I just finished watching OniHei (2017). Found it on Amazon. It revolves around Heizo "The Oni" Hasegawa, chief of the Arson Theft Control Office, his family and the people who work for him. The episodes are separate stories, so there are no cliffhangers from one episode to the next. However, unlike other shows with this style, as you're introduced to characters they continue to appear in the series rather than being just part of one episode.
Samurai, sword fights, spies, theft/heists, and sprinkles of humor made this a series worth watching. It's well written. Plus the opening song is kind of cool.
 

GasBandit

Staff member
Space Battleship Yamato 2199 (2012)
(AKA Star Blazers 2199, AKA Uchuu Senkan Yamato 2199)



Genre: Space Opera, Sci-Fi, Adventure
Fanservice: Mild to Moderate
Premise: A remake of the 70's classic. The Human race is in danger of going extinct as a hostile alien force called the "Gamilas" constantly bombards earth with WMD, turning the surface uninhabitable. After receiving a message of hope from another alien world called "Iscandar," Earth secretly builds and launches the Yamato with an experimental FTL drive, the plans for which were provided by the Iscandarians. The Yamato must make the unprecedented journey to another galaxy to retrieve the technology that can rejuvenate Earth and save the Human race, while fighting for its survival every step of the way against the Gamilas.

This.
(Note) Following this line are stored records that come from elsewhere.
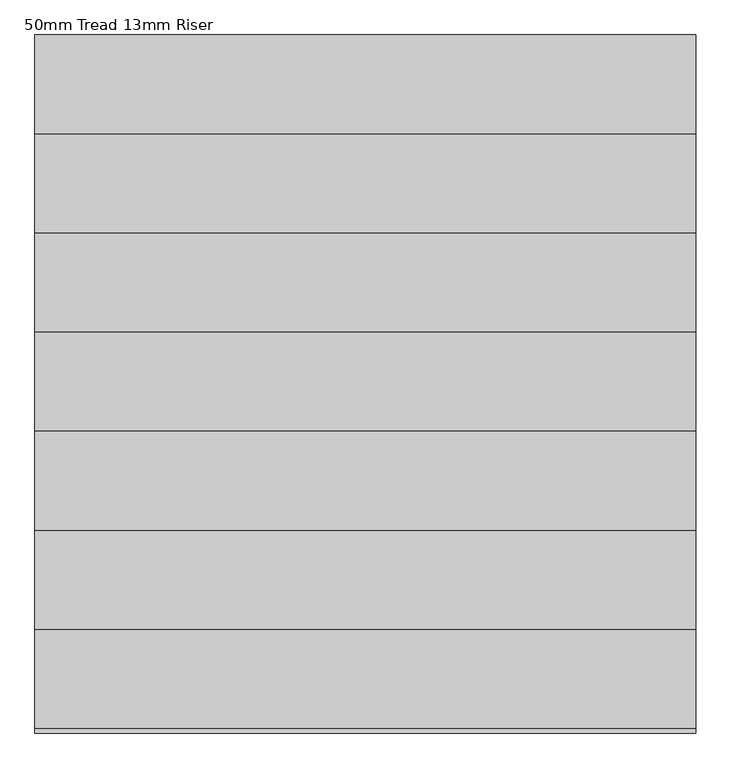
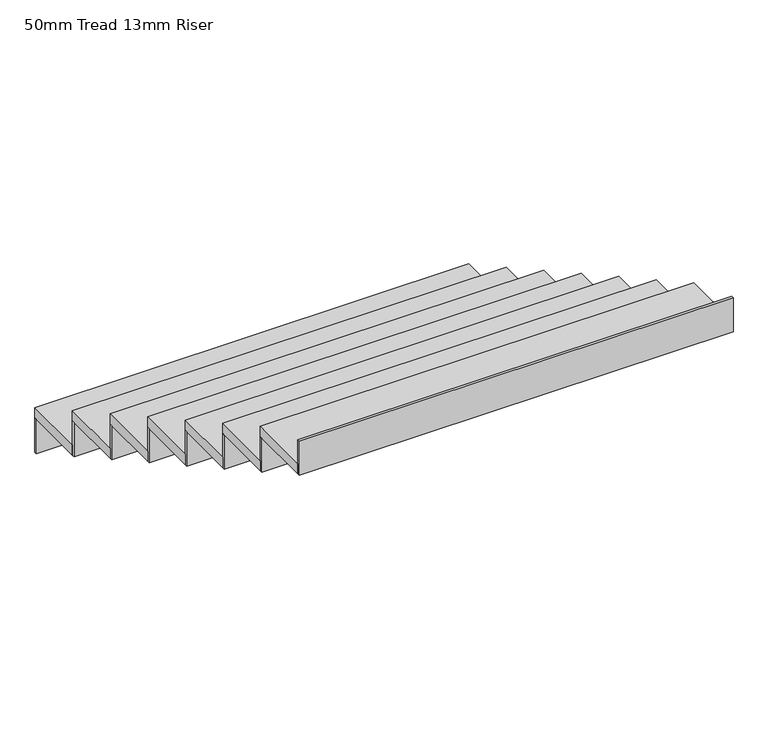
"""IFC4 building model written with IfcOpenShell, lengths in millimetres: stair flight geometry, 50mm Tread 13mm Riser."""

from ifc_helpers import new_model, si_unit, frame, origin, place, context, project, spatial, polyline, outline, extrude, source, transform, mapped, element, save


def stair_flight_50mm_tread_13mm_riser_821fa6e6(model_context):
    return source(origin(), model_context, "Body", "SweptSolid", [
        extrude(outline(polyline([(15000.0002442, 23517.4999999), (15000.0002442, 23529.9999999), (17000.0002442, 23529.9999999), (17000.0002442, 23517.4999999), (15000.0002442, 23517.4999999)])), frame((0.0, 0.0, 27783.3333333), z_axis=(0.0, 0.0, 1.0), x_axis=(1.0, 0.0, 0.0)), (0.0, 0.0, 1.0), 166.6666667),
        extrude(outline(polyline([(17000.0002442, 23229.9999999), (15000.0002442, 23229.9999999), (15000.0002442, 23529.9999999), (17000.0002442, 23529.9999999), (17000.0002442, 23229.9999999)])), frame((0.0, 0.0, 27950.0), z_axis=(0.0, 0.0, 1.0), x_axis=(1.0, 0.0, 0.0)), (0.0, 0.0, 1.0), 50.0),
        extrude(outline(polyline([(15000.0002442, 23217.4999999), (15000.0002442, 23229.9999999), (17000.0002442, 23229.9999999), (17000.0002442, 23217.4999999), (15000.0002442, 23217.4999999)])), frame((0.0, 0.0, 27950.0), z_axis=(0.0, 0.0, 1.0), x_axis=(1.0, 0.0, 0.0)), (0.0, 0.0, 1.0), 166.6666667),
        extrude(outline(polyline([(17000.0002442, 22929.9999999), (15000.0002442, 22929.9999999), (15000.0002442, 23229.9999999), (17000.0002442, 23229.9999999), (17000.0002442, 22929.9999999)])), frame((0.0, 0.0, 28116.6666667), z_axis=(0.0, 0.0, 1.0), x_axis=(1.0, 0.0, 0.0)), (0.0, 0.0, 1.0), 50.0),
        extrude(outline(polyline([(15000.0002442, 22917.4999999), (15000.0002442, 22929.9999999), (17000.0002442, 22929.9999999), (17000.0002442, 22917.4999999), (15000.0002442, 22917.4999999)])), frame((0.0, 0.0, 28116.6666667), z_axis=(0.0, 0.0, 1.0), x_axis=(1.0, 0.0, 0.0)), (0.0, 0.0, 1.0), 166.6666667),
        extrude(outline(polyline([(17000.0002442, 22629.9999999), (15000.0002442, 22629.9999999), (15000.0002442, 22929.9999999), (17000.0002442, 22929.9999999), (17000.0002442, 22629.9999999)])), frame((0.0, 0.0, 28283.3333333), z_axis=(0.0, 0.0, 1.0), x_axis=(1.0, 0.0, 0.0)), (0.0, 0.0, 1.0), 50.0),
        extrude(outline(polyline([(15000.0002442, 22617.4999999), (15000.0002442, 22629.9999999), (17000.0002442, 22629.9999999), (17000.0002442, 22617.4999999), (15000.0002442, 22617.4999999)])), frame((0.0, 0.0, 28283.3333333), z_axis=(0.0, 0.0, 1.0), x_axis=(1.0, 0.0, 0.0)), (0.0, 0.0, 1.0), 166.6666667),
        extrude(outline(polyline([(17000.0002442, 22329.9999999), (15000.0002442, 22329.9999999), (15000.0002442, 22629.9999999), (17000.0002442, 22629.9999999), (17000.0002442, 22329.9999999)])), frame((0.0, 0.0, 28450.0), z_axis=(0.0, 0.0, 1.0), x_axis=(1.0, 0.0, 0.0)), (0.0, 0.0, 1.0), 50.0),
        extrude(outline(polyline([(15000.0002442, 22317.4999999), (15000.0002442, 22329.9999999), (17000.0002442, 22329.9999999), (17000.0002442, 22317.4999999), (15000.0002442, 22317.4999999)])), frame((0.0, 0.0, 28450.0), z_axis=(0.0, 0.0, 1.0), x_axis=(1.0, 0.0, 0.0)), (0.0, 0.0, 1.0), 166.6666667),
        extrude(outline(polyline([(17000.0002442, 22029.9999999), (15000.0002442, 22029.9999999), (15000.0002442, 22329.9999999), (17000.0002442, 22329.9999999), (17000.0002442, 22029.9999999)])), frame((0.0, 0.0, 28616.6666667), z_axis=(0.0, 0.0, 1.0), x_axis=(1.0, 0.0, 0.0)), (0.0, 0.0, 1.0), 50.0),
        extrude(outline(polyline([(15000.0002442, 22017.4999999), (15000.0002442, 22029.9999999), (17000.0002442, 22029.9999999), (17000.0002442, 22017.4999999), (15000.0002442, 22017.4999999)])), frame((0.0, 0.0, 28616.6666667), z_axis=(0.0, 0.0, 1.0), x_axis=(1.0, 0.0, 0.0)), (0.0, 0.0, 1.0), 166.6666667),
        extrude(outline(polyline([(17000.0002442, 21729.9999999), (15000.0002442, 21729.9999999), (15000.0002442, 22029.9999999), (17000.0002442, 22029.9999999), (17000.0002442, 21729.9999999)])), frame((0.0, 0.0, 28783.3333333), z_axis=(0.0, 0.0, 1.0), x_axis=(1.0, 0.0, 0.0)), (0.0, 0.0, 1.0), 50.0),
        extrude(outline(polyline([(15000.0002442, 21717.4999999), (15000.0002442, 21729.9999999), (17000.0002442, 21729.9999999), (17000.0002442, 21717.4999999), (15000.0002442, 21717.4999999)])), frame((0.0, 0.0, 28783.3333333), z_axis=(0.0, 0.0, 1.0), x_axis=(1.0, 0.0, 0.0)), (0.0, 0.0, 1.0), 166.6666667),
        extrude(outline(polyline([(15000.0002442, 21417.4999999), (15000.0002442, 21429.9999999), (17000.0002442, 21429.9999999), (17000.0002442, 21417.4999999), (15000.0002442, 21417.4999999)])), frame((0.0, 0.0, 28950.0), z_axis=(0.0, 0.0, 1.0), x_axis=(1.0, 0.0, 0.0)), (0.0, 0.0, 1.0), 166.6666667),
        extrude(outline(polyline([(17000.0002442, 21429.9999999), (15000.0002442, 21429.9999999), (15000.0002442, 21729.9999999), (17000.0002442, 21729.9999999), (17000.0002442, 21429.9999999)])), frame((0.0, 0.0, 28950.0), z_axis=(0.0, 0.0, 1.0), x_axis=(1.0, 0.0, 0.0)), (0.0, 0.0, 1.0), 50.0),
    ])


if __name__ == "__main__":
    model = new_model("IFC4")
    model_context = context("Model", 3, world=origin())
    ifc_project = project(units=[si_unit("LENGTHUNIT", "METRE", prefix="MILLI")], contexts=[model_context])
    site = spatial("IfcSite", under=ifc_project)
    building = spatial("IfcBuilding", under=site)
    placement = place(None, origin())
    stair_flight_50mm_tread_13mm_riser_shape = stair_flight_50mm_tread_13mm_riser_821fa6e6(model_context)
    element("IfcStairFlight", 1, ObjectType="50mm Tread 13mm Riser", at=placement, inside=building, context=model_context, shape_type="MappedRepresentation", body=[
        mapped(stair_flight_50mm_tread_13mm_riser_shape, transform((0.0, 0.0, 0.0), x_axis=(1.0, 0.0, 0.0), y_axis=(0.0, 1.0, 0.0), z_axis=(0.0, 0.0, 1.0))),
    ])
    save(model, "model.ifc")

This is how you do a remake. It is SO GOOD. Just enough is changed and updated, but plenty of callbacks to the original, while blending the styles of the old and the new. Everything is much more fleshed out and there's so much more lore and backstory to everything. I wanted to just sit there and clap, by myself, when it was all over. While it did get a little tropey here and there, even going so far as to almost lean on the 4th wall (there's a face-turn-heel-turn-face that, of course, immediately turns into a redemption=death moment, and the person in question even lampshades it by his last words being "I guess that's what I get for playing against character! Urrgh..."). There's also a couple Deus Ex Machina moments near the end, but it's a minor gripe. I really do appreciate that it was a complete story with a beginning, middle, and conclusion (while still building a universe rich enough for sequels). The funimation dub is great quality, and the visuals and CGI are top notch.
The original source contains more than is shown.